● **Exercise prompt**
Using the data below, gather each line that includes the word "import".

┄┄┄┄┄┄┄┄┄┄┄┄┄┄┄┄┄┄┄┄

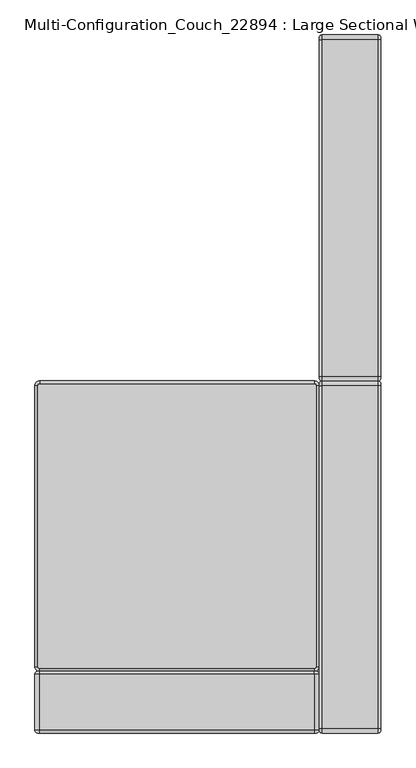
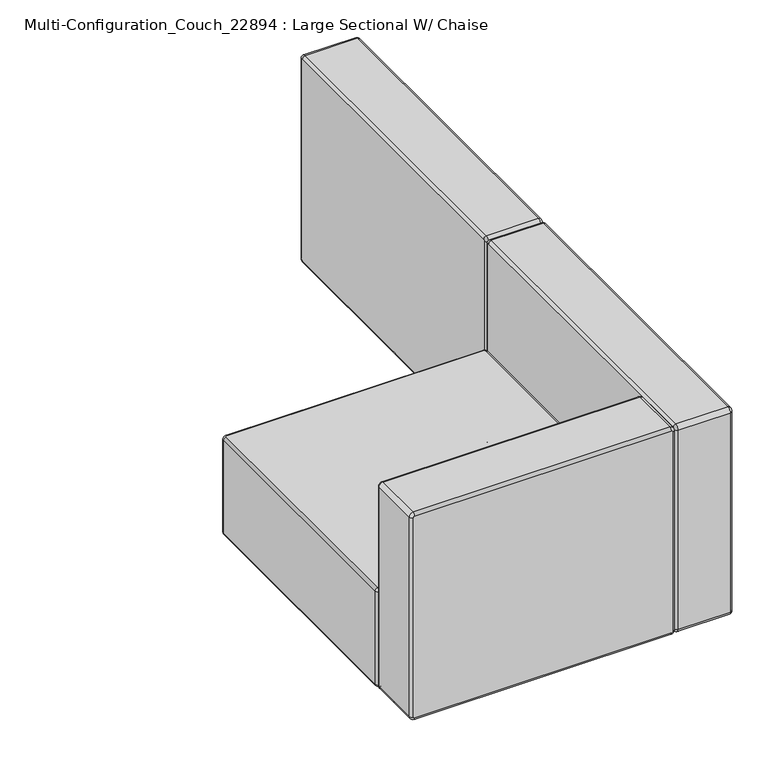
"""IFC4 building model written with IfcOpenShell, lengths in millimetres: furniture geometry, Multi-Configuration_Couch_22894 : Large Sectional W/ Chaise."""

from ifc_helpers import new_model, si_unit, point, frame, origin, place, context, project, spatial, circle_curve, ellipse_curve, trimmed, source, transform, mapped, element, save
from ifc_brep_helpers import plane_surface, cylinder_surface, revolved_surface, advanced_brep


def multi_configuration_couch_22894_large_sectional_w_chaise_e7fac233(model_context):
    return source(origin(), model_context, "Body", "AdvancedBrep", [
        advanced_brep(
        [(1868.7737705, -98.4770492, 549.275), (1868.7737705, -95.3020492, 552.45), (1868.7737705, 596.8479508, 552.45), (1868.7737705, 600.0229508, 549.275), (1868.7737705, 600.0229508, 85.725), (1868.7737705, 596.8479508, 82.55), (1868.7737705, -95.3020492, 82.55), (1868.7737705, -98.4770492, 85.725), (1995.7737705, -98.4770492, 85.725), (1995.7737705, -95.3020492, 82.55), (1995.7737705, 596.8479508, 82.55), (1995.7737705, 600.0229508, 85.725), (1995.7737705, 600.0229508, 549.275), (1995.7737705, 596.8479508, 552.45), (1995.7737705, -95.3020492, 552.45), (1995.7737705, -98.4770492, 549.275), (1875.1237705, -95.3020492, 558.8), (1989.4237705, -95.3020492, 558.8), (1989.4237705, 596.8479508, 558.8), (1875.1237641, 596.8479508, 558.8), (1875.1237705, -104.8270492, 85.725), (1989.4237705, -104.8270492, 85.725), (1989.4237705, -104.8270492, 549.275), (1875.1237705, -104.8270492, 549.275), (1875.1237705, 596.8479508, 76.2), (1989.4237705, 596.8479508, 76.2), (1989.4237705, -95.3020492, 76.2), (1875.1237705, -95.3020492, 76.2), (1875.1237705, 606.3729508, 549.275), (1989.4237705, 606.3729508, 549.275), (1989.4237705, 606.3729508, 85.725), (1875.1237705, 606.3729508, 85.725)],
        [
            (0, 1, circle_curve(frame((1868.7737705, -95.3020492, 549.275), z_axis=(-1.0, 0.0, 0.0), x_axis=(0.0, 0.0, 1.0)), 3.175)),
            (1, 2),
            (2, 3, circle_curve(frame((1868.7737705, 596.8479508, 549.275), z_axis=(-1.0, 0.0, 0.0), x_axis=(0.0, 1.0, 0.0)), 3.175)),
            (3, 4),
            (4, 5, circle_curve(frame((1868.7737705, 596.8479508, 85.725), z_axis=(-1.0, 0.0, 0.0), x_axis=(0.0, 0.0, -1.0)), 3.175)),
            (5, 6),
            (6, 7, circle_curve(frame((1868.7737705, -95.3020492, 85.725), z_axis=(-1.0, 0.0, 0.0), x_axis=(0.0, -1.0, 0.0)), 3.175)),
            (7, 0),
            (8, 9, circle_curve(frame((1995.7737705, -95.3020492, 85.725), z_axis=(1.0, 0.0, 0.0), x_axis=(0.0, -1.0, 0.0)), 3.175)),
            (9, 10),
            (10, 11, circle_curve(frame((1995.7737705, 596.8479508, 85.725), z_axis=(1.0, 0.0, 0.0), x_axis=(0.0, 0.0, -1.0)), 3.175)),
            (11, 12),
            (12, 13, circle_curve(frame((1995.7737705, 596.8479508, 549.275), z_axis=(1.0, 0.0, 0.0), x_axis=(0.0, 1.0, 0.0)), 3.175)),
            (13, 14),
            (14, 15, circle_curve(frame((1995.7737705, -95.3020492, 549.275), z_axis=(1.0, 0.0, 0.0), x_axis=(0.0, 0.0, 1.0)), 3.175)),
            (15, 8),
            (16, 17),
            (17, 18),
            (18, 19),
            (19, 16),
            (20, 21),
            (21, 22),
            (22, 23),
            (23, 20),
            (24, 25),
            (25, 26),
            (26, 27),
            (27, 24),
            (28, 29),
            (29, 30),
            (30, 31),
            (31, 28),
            (22, 17, circle_curve(frame((1989.4237705, -95.3020492, 549.275), z_axis=(-1.0, 0.0, 0.0), x_axis=(0.0, 1.0, 0.0)), 9.525)),
            (16, 23, circle_curve(frame((1875.1237705, -95.3020492, 549.275), z_axis=(1.0, 0.0, 0.0), x_axis=(0.0, 1.0, 0.0)), 9.525)),
            (18, 29, circle_curve(frame((1989.4237705, 596.8479508, 549.275), z_axis=(-1.0, 0.0, 0.0), x_axis=(0.0, 1.0, 0.0)), 9.525)),
            (28, 19, circle_curve(frame((1875.1237705, 596.8479508, 549.275), z_axis=(1.0, 0.0, 0.0), x_axis=(0.0, 1.0, 0.0)), 9.525)),
            (26, 21, circle_curve(frame((1989.4237705, -95.3020492, 85.725), z_axis=(-1.0, 0.0, 0.0), x_axis=(0.0, 1.0, 0.0)), 9.525)),
            (20, 27, circle_curve(frame((1875.1237705, -95.3020492, 85.725), z_axis=(1.0, 0.0, 0.0), x_axis=(0.0, 1.0, 0.0)), 9.525)),
            (30, 25, circle_curve(frame((1989.4237705, 596.8479508, 85.725), z_axis=(-1.0, 0.0, 0.0), x_axis=(0.0, 1.0, 0.0)), 9.525)),
            (24, 31, circle_curve(frame((1875.1237705, 596.8479508, 85.725), z_axis=(1.0, 0.0, 0.0), x_axis=(0.0, 1.0, 0.0)), 9.525)),
            (23, 0, circle_curve(frame((1875.1237705, -98.4770492, 549.275), z_axis=(0.0, 0.0, -1.0), x_axis=(0.0, 1.0, 0.0)), 6.35)),
            (7, 20, circle_curve(frame((1875.1237705, -98.4770492, 85.725), z_axis=(0.0, 0.0, 1.0), x_axis=(0.0, 1.0, 0.0)), 6.35)),
            (27, 6, circle_curve(frame((1875.1237705, -95.3020492, 82.55), z_axis=(0.0, 1.0, 0.0), x_axis=(0.0, 0.0, 1.0)), 6.35)),
            (5, 24, circle_curve(frame((1875.1237705, 596.8479508, 82.55), z_axis=(0.0, -1.0, 0.0), x_axis=(0.0, 0.0, 1.0)), 6.35)),
            (31, 4, circle_curve(frame((1875.1237705, 600.0229508, 85.725), z_axis=(0.0, 0.0, 1.0), x_axis=(0.0, -1.0, 0.0)), 6.35)),
            (3, 28, circle_curve(frame((1875.1237705, 600.0229508, 549.275), z_axis=(0.0, 0.0, -1.0), x_axis=(0.0, -1.0, 0.0)), 6.35)),
            (2, 19, circle_curve(frame((1875.1237705, 596.8479508, 552.45), z_axis=(0.0, 1.0, 0.0), x_axis=(0.0, 0.0, -1.0)), 6.35)),
            (1, 16, circle_curve(frame((1875.1237705, -95.3020492, 552.45), z_axis=(0.0, 1.0, 0.0), x_axis=(0.0, 0.0, -1.0)), 6.35)),
            (15, 22, circle_curve(frame((1989.4237705, -98.4770492, 549.275), z_axis=(0.0, 0.0, -1.0), x_axis=(0.0, 1.0, 0.0)), 6.35)),
            (21, 8, circle_curve(frame((1989.4237705, -98.4770492, 85.725), z_axis=(0.0, 0.0, 1.0), x_axis=(0.0, 1.0, 0.0)), 6.35)),
            (9, 26, circle_curve(frame((1989.4237705, -95.3020492, 82.55), z_axis=(0.0, 1.0, 0.0), x_axis=(0.0, 0.0, 1.0)), 6.35)),
            (25, 10, circle_curve(frame((1989.4237705, 596.8479508, 82.55), z_axis=(0.0, -1.0, 0.0), x_axis=(0.0, 0.0, 1.0)), 6.35)),
            (11, 30, circle_curve(frame((1989.4237705, 600.0229508, 85.725), z_axis=(0.0, 0.0, 1.0), x_axis=(0.0, -1.0, 0.0)), 6.35)),
            (29, 12, circle_curve(frame((1989.4237705, 600.0229508, 549.275), z_axis=(0.0, 0.0, -1.0), x_axis=(0.0, -1.0, 0.0)), 6.35)),
            (13, 18, circle_curve(frame((1989.4237705, 596.8479508, 552.45), z_axis=(0.0, -1.0, 0.0), x_axis=(0.0, 0.0, -1.0)), 6.35)),
            (17, 14, circle_curve(frame((1989.4237705, -95.3020492, 552.45), z_axis=(0.0, 1.0, 0.0), x_axis=(0.0, 0.0, -1.0)), 6.35)),
        ],
        [
            plane_surface(frame((1868.7737705, -104.8270492, 558.8), z_axis=(-1.0, 0.0, 0.0), x_axis=(0.0, -1.0, 0.0))),
            plane_surface(frame((1995.7737705, -104.8270492, 558.8), z_axis=(1.0, 0.0, 0.0), x_axis=(0.0, 1.0, 0.0))),
            plane_surface(frame((1868.7737705, 606.3729508, 558.8), z_axis=(0.0, 0.0, 1.0), x_axis=(1.0, 0.0, 0.0))),
            plane_surface(frame((1868.7737705, -104.8270492, 558.8), z_axis=(0.0, -1.0, 0.0), x_axis=(1.0, 0.0, 0.0))),
            plane_surface(frame((1868.7737705, -104.8270492, 76.2), z_axis=(0.0, 0.0, -1.0), x_axis=(1.0, 0.0, 0.0))),
            plane_surface(frame((1868.7737705, 606.3729508, 76.2), z_axis=(0.0, 1.0, 0.0), x_axis=(1.0, 0.0, 0.0))),
            cylinder_surface(frame((1995.7737705, -95.3020492, 549.275), z_axis=(1.0, 0.0, 0.0), x_axis=(0.0, 1.0, 0.0)), 9.525),
            cylinder_surface(frame((1995.7737705, 596.8479508, 549.275), z_axis=(1.0, 0.0, 0.0), x_axis=(0.0, 1.0, 0.0)), 9.525),
            cylinder_surface(frame((1995.7737705, -95.3020492, 85.725), z_axis=(1.0, 0.0, 0.0), x_axis=(0.0, 1.0, 0.0)), 9.525),
            cylinder_surface(frame((1995.7737705, 596.8479508, 85.725), z_axis=(1.0, 0.0, 0.0), x_axis=(0.0, 1.0, 0.0)), 9.525),
            cylinder_surface(frame((1875.1237705, -98.4770492, 549.275), z_axis=(0.0, 0.0, -1.0), x_axis=(0.0, 1.0, 0.0)), 6.35),
            cylinder_surface(frame((1875.1237705, -95.3020492, 82.55), z_axis=(0.0, 1.0, 0.0), x_axis=(0.0, 0.0, 1.0)), 6.35),
            cylinder_surface(frame((1875.1237705, 600.0229508, 85.725), z_axis=(0.0, 0.0, 1.0), x_axis=(0.0, -1.0, 0.0)), 6.35),
            revolved_surface(trimmed(ellipse_curve(frame((1875.1237705, 600.0229508, 549.275), z_axis=(0.0, 0.0, 1.0), x_axis=(0.0, -1.0, 0.0)), 6.35, 6.35), [point((1875.1237705, 606.3729508, 549.275))], [point((1868.7737705, 600.0229508, 549.275))], True, "CARTESIAN"), (1868.7737705, 596.8479508, 549.275), (-1.0, 0.0, 0.0)),
            cylinder_surface(frame((1875.1237705, 596.8479508, 552.45), z_axis=(0.0, -1.0, 0.0), x_axis=(0.0, 0.0, -1.0)), 6.35),
            cylinder_surface(frame((1989.4237705, -98.4770492, 549.275), z_axis=(0.0, 0.0, -1.0), x_axis=(0.0, 1.0, 0.0)), 6.35),
            cylinder_surface(frame((1989.4237705, -95.3020492, 82.55), z_axis=(0.0, 1.0, 0.0), x_axis=(0.0, 0.0, 1.0)), 6.35),
            cylinder_surface(frame((1989.4237705, 600.0229508, 85.725), z_axis=(0.0, 0.0, 1.0), x_axis=(0.0, -1.0, 0.0)), 6.35),
            cylinder_surface(frame((1989.4237705, 596.8479508, 552.45), z_axis=(0.0, -1.0, 0.0), x_axis=(0.0, 0.0, -1.0)), 6.35),
            revolved_surface(trimmed(ellipse_curve(frame((1875.1237705, -95.3020492, 552.45), z_axis=(0.0, -1.0, 0.0), x_axis=(0.0, 0.0, -1.0)), 6.35, 6.35), [point((1875.1237705, -95.3020492, 558.8))], [point((1868.7737705, -95.3020492, 552.45))], True, "CARTESIAN"), (1868.7737705, -95.3020492, 549.275), (-1.0, 0.0, 0.0)),
            revolved_surface(trimmed(ellipse_curve(frame((1875.1237705, -98.4770492, 85.725), z_axis=(0.0, 0.0, -1.0), x_axis=(0.0, 1.0, 0.0)), 6.35, 6.35), [point((1875.1237705, -104.8270492, 85.725))], [point((1868.7737705, -98.4770492, 85.725))], True, "CARTESIAN"), (1868.7737705, -95.3020492, 85.725), (-1.0, 0.0, 0.0)),
            revolved_surface(trimmed(ellipse_curve(frame((1875.1237705, 596.8479508, 82.55), z_axis=(0.0, 1.0, 0.0), x_axis=(0.0, 0.0, 1.0)), 6.35, 6.35), [point((1875.1237705, 596.8479508, 76.2))], [point((1868.7737705, 596.8479508, 82.55))], True, "CARTESIAN"), (1868.7737705, 596.8479508, 85.725), (-1.0, 0.0, 0.0)),
            revolved_surface(trimmed(ellipse_curve(frame((1989.4237705, -95.3020492, 552.45), z_axis=(0.0, -1.0, 0.0), x_axis=(0.0, 0.0, -1.0)), 6.35, 6.35), [point((1995.7737705, -95.3020492, 552.45))], [point((1989.4237705, -95.3020492, 558.8))], True, "CARTESIAN"), (1995.7737705, -95.3020492, 549.275), (-1.0, 0.0, 0.0)),
            revolved_surface(trimmed(ellipse_curve(frame((1989.4237705, -98.4770492, 85.725), z_axis=(0.0, 0.0, -1.0), x_axis=(0.0, 1.0, 0.0)), 6.35, 6.35), [point((1995.7737705, -98.4770492, 85.725))], [point((1989.4237705, -104.8270492, 85.725))], True, "CARTESIAN"), (1995.7737705, -95.3020492, 85.725), (-1.0, 0.0, 0.0)),
            revolved_surface(trimmed(ellipse_curve(frame((1989.4237705, 596.8479508, 82.55), z_axis=(0.0, 1.0, 0.0), x_axis=(0.0, 0.0, 1.0)), 6.35, 6.35), [point((1995.7737705, 596.8479508, 82.55))], [point((1989.4237705, 596.8479508, 76.2))], True, "CARTESIAN"), (1995.7737705, 596.8479508, 85.725), (-1.0, 0.0, 0.0)),
            revolved_surface(trimmed(ellipse_curve(frame((1989.4237705, 600.0229508, 549.275), z_axis=(0.0, 0.0, 1.0), x_axis=(0.0, -1.0, 0.0)), 6.35, 6.35), [point((1995.7737705, 600.0229508, 549.275))], [point((1989.4237705, 606.3729508, 549.275))], True, "CARTESIAN"), (1995.7737705, 596.8479508, 549.275), (-1.0, 0.0, 0.0)),
        ],
        [
            (0, [[1, 2, 3, 4, 5, 6, 7, 8]]),
            (1, [[9, 10, 11, 12, 13, 14, 15, 16]]),
            (2, [[17, 18, 19, 20]]),
            (3, [[21, 22, 23, 24]]),
            (4, [[25, 26, 27, 28]]),
            (5, [[29, 30, 31, 32]]),
            (6, [[-23, 33, -17, 34]]),
            (7, [[-19, 35, -29, 36]]),
            (8, [[-27, 37, -21, 38]]),
            (9, [[-31, 39, -25, 40]]),
            (10, [[-24, 41, -8, 42]]),
            (11, [[-28, 43, -6, 44]]),
            (12, [[-32, 45, -4, 46]]),
            (13, [[-3, 47, -36, -46]]),
            (14, [[-2, 48, -20, -47]]),
            (15, [[-16, 49, -22, 50]]),
            (16, [[-10, 51, -26, 52]]),
            (17, [[-12, 53, -30, 54]]),
            (18, [[-14, 55, -18, 56]]),
            (19, [[-34, -48, -1, -41]]),
            (20, [[-7, -43, -38, -42]]),
            (21, [[-5, -45, -40, -44]]),
            (22, [[-15, -56, -33, -49]]),
            (23, [[-37, -51, -9, -50]]),
            (24, [[-39, -53, -11, -52]]),
            (25, [[-35, -55, -13, -54]]),
        ],
    ),
        advanced_brep(
        [(1868.7737705, -822.3770492, 549.275), (1868.7737705, -819.2020492, 552.45), (1868.7737705, -114.3520492, 552.45), (1868.7737705, -111.1770492, 549.275), (1868.7737705, -111.1770492, 85.725), (1868.7737705, -114.3520492, 82.55), (1868.7737705, -819.2020492, 82.55), (1868.7737705, -822.3770492, 85.725), (1995.7737705, -822.3770492, 85.725), (1995.7737705, -819.2020492, 82.55), (1995.7737705, -114.3520492, 82.55), (1995.7737705, -111.1770492, 85.725), (1995.7737705, -111.1770492, 549.275), (1995.7737705, -114.3520492, 552.45), (1995.7737705, -819.2020492, 552.45), (1995.7737705, -822.3770492, 549.275), (1875.1237705, -819.2020492, 558.8), (1989.4237705, -819.2020492, 558.8), (1989.4237705, -114.3520492, 558.8), (1875.1237641, -114.3520492, 558.8), (1875.1237705, -828.7270492, 85.725), (1989.4237705, -828.7270492, 85.725), (1989.4237705, -828.7270492, 549.275), (1875.1237705, -828.7270492, 549.275), (1875.1237705, -114.3520492, 76.2), (1989.4237705, -114.3520492, 76.2), (1989.4237705, -819.2020492, 76.2), (1875.1237705, -819.2020492, 76.2), (1875.1237705, -104.8270492, 549.275), (1989.4237705, -104.8270492, 549.275), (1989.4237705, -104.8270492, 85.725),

┄┄┄┄┄┄┄┄┄┄┄┄┄┄┄┄┄┄┄┄

● **Result of this task**
from ifc_helpers import new_model, si_unit, point, frame, origin, place, context, project, spatial, circle_curve, ellipse_curve, trimmed, source, transform, mapped, element, save
from ifc_brep_helpers import plane_surface, cylinder_surface, revolved_surface, advanced_brep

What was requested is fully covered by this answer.